Guanidinium thiocyanate

Administrative data

Endpoint:

in vitro gene mutation study in bacteria

Type of information:

experimental study

Adequacy of study:

key study

Study period:

2015-10-02 to 2015-10-26

Reliability:

1 (reliable without restriction)

Rationale for reliability incl. deficiencies:

guideline study

Data source

Materials and methods

GLP compliance:

yes (incl. QA statement)

Type of assay:

bacterial reverse mutation assay

Test material

Specific details on test material used for the study:

Batch 1507511210

Method

Metabolic activation:

with and without

Metabolic activation system:

S9 liver microsomal fraction (phenobarbital and ß-naphthoflavone induced)

Test concentrations with justification for top dose:

31.6, 100, 316, 1000, 2500, and 5000 µg/plate

Details on test system and experimental conditions:

METHOD OF APPLICATION: experiment I in agar (plate incorporation); experiment II preincubation

DURATION
- Preincubation period: 60 min at 37 °C
- Exposure duration: at least 48 h at 37 °C

NUMBER OF REPLICATIONS: 3 plates per concentration and strain

DETERMINATION OF CYTOTOXICITY
- Method: background lawn, reduction in the number of revertants down to a mutation factor of approx. < 0.5 in relation to the solvent control.

OTHER: Colonies were counted using a ProtoCOL counter (Meintrup DWS Laborgeräte GmbH).
Tester strains TA 1535 and TA 1537 were counted manually.

Evaluation criteria:

Validity:
A test is considered acceptable if for each strain:
- the bacteria demonstrate their typical responses to ampicillin
- the negative control plates with and without S9 mix are within laboratory historical ranges
- corresponding background growth on negative control, solvent control and test plates is observed
- the positive controls show a distinct enhancement of revertant rates over the control plate
- at least five different concentrations of each tester strain are analysable.

Evaluation of Mutagenicity:
A test item is considered as mutagenic if:
- a clear dose-related increase in the number of revertants occurs and/or
- a biologically relevant positive response for at least one of the dose groups occurs
in at least one tester strain with or without metabolic activation.
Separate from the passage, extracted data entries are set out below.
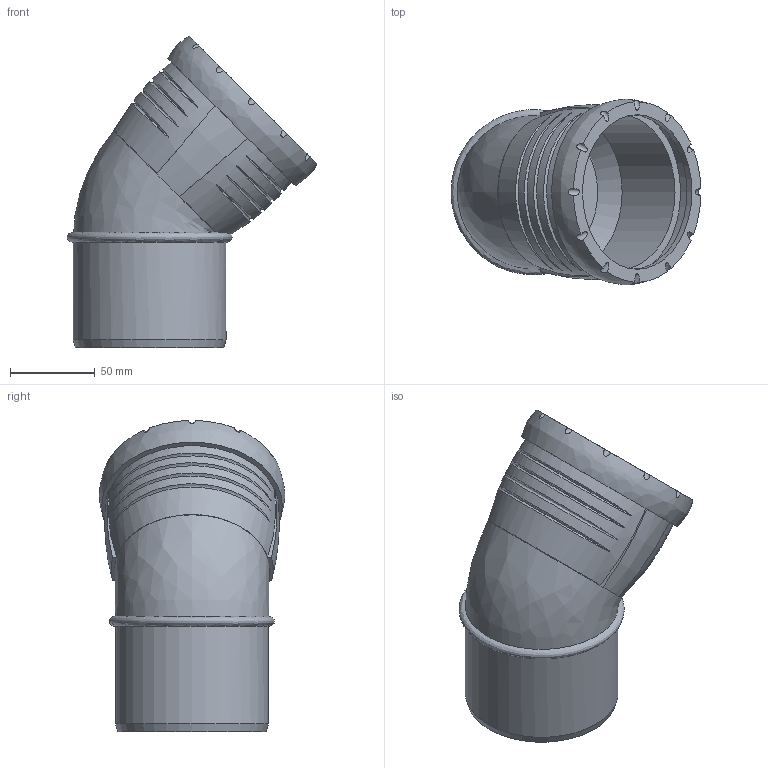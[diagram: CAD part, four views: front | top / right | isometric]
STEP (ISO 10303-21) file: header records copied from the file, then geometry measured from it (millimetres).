
FILE_DESCRIPTION(/* description */ (''),/* implementation_level */ '2;1');
FILE_NAME(/* name */ 'H:\Geberit-Teile\Export\Bogen_TEST\stp\393422.stp',/* time_stamp */ '2017-02-14T10:09:56+01:00',/* author */ ('seihe2'),/* organization */ (''),/* preprocessor_version */ 'ST-DEVELOPER v15.2',/* originating_system */ 'Autodesk Inventor 2014',/* authorisation */ '');
FILE_SCHEMA (('AUTOMOTIVE_DESIGN { 1 0 10303 214 3 1 1 }'));
Length unit declared in the file: millimetre
Products named in the file (1): 393422
Bounding box: 147.42 x 109.47 x 183.56 mm (x, y, z)
Volume: 423524.9 mm3; surface area: 112831.6 mm2
Topology: 2 solids, 2 shells, 54 faces, 133 edges, 94 vertices
Faces by surface type: bspline 25, cylinder 19, plane 8, cone 2
Full cylindrical faces by diameter (mm): 81.6 x1, 90.2 x1, 90.9 x1, 91.2 x1, 100.2 x1
Entity records: 4089 total; most frequent: CARTESIAN_POINT 2905, ORIENTED_EDGE 252, DIRECTION 172, EDGE_CURVE 125, VERTEX_POINT 93, AXIS2_PLACEMENT_3D 86, EDGE_LOOP 75, B_SPLINE_CURVE_WITH_KNOTS 68

A biologically relevant increase is described as follows:
- if in tester strains TA98, TA100 and TA 102 the number of reversions is at least twice as high
- if in tester strains TA 1535 and TA 1537 the number of reversions is at least three times higher
than the reversion rate of the solvent control.

Results and discussion

Test resultsopen allclose all

Applicant's summary and conclusion

Conclusions:

Guanidine Thiocyanate is considered to be non-mutagenic in this bacterial reverse mutation assay.

Executive summary:

In a reverse gene mutation assay in bacteria according to OECD guideline 471, strains TA 98, TA 100, TA 102, TA 1535 and TA 1537 of S. typhimurium were exposed to Guanidinium Thiocyanate, at concentrations of 31.6, 100, 316, 1000, 2500, and 5000 µg/plate in two independent experiments. The first experiment was conducted as plate incorporation assay, the second as pre-incubation test, both in the absence and presence of a mammalian metabolic activation.

No precipitation of the test item was observed in any of the experiments. In experiment I no toxic effects were noted up to the highest concentration. In experiment II in some strains toxic effects were observed at 2500 and 5000 µg/plate.

No biological relevant increases in revertant colony numbers of any of the five tester strains were observed following treatment with Guanidine Thiocyanate at any concentration level, neither in the presence nor absence of metabolic activation in experiment I and II.

The reference mutagen induced a distinct increase of revertant colonies indicating the validity of the experiments.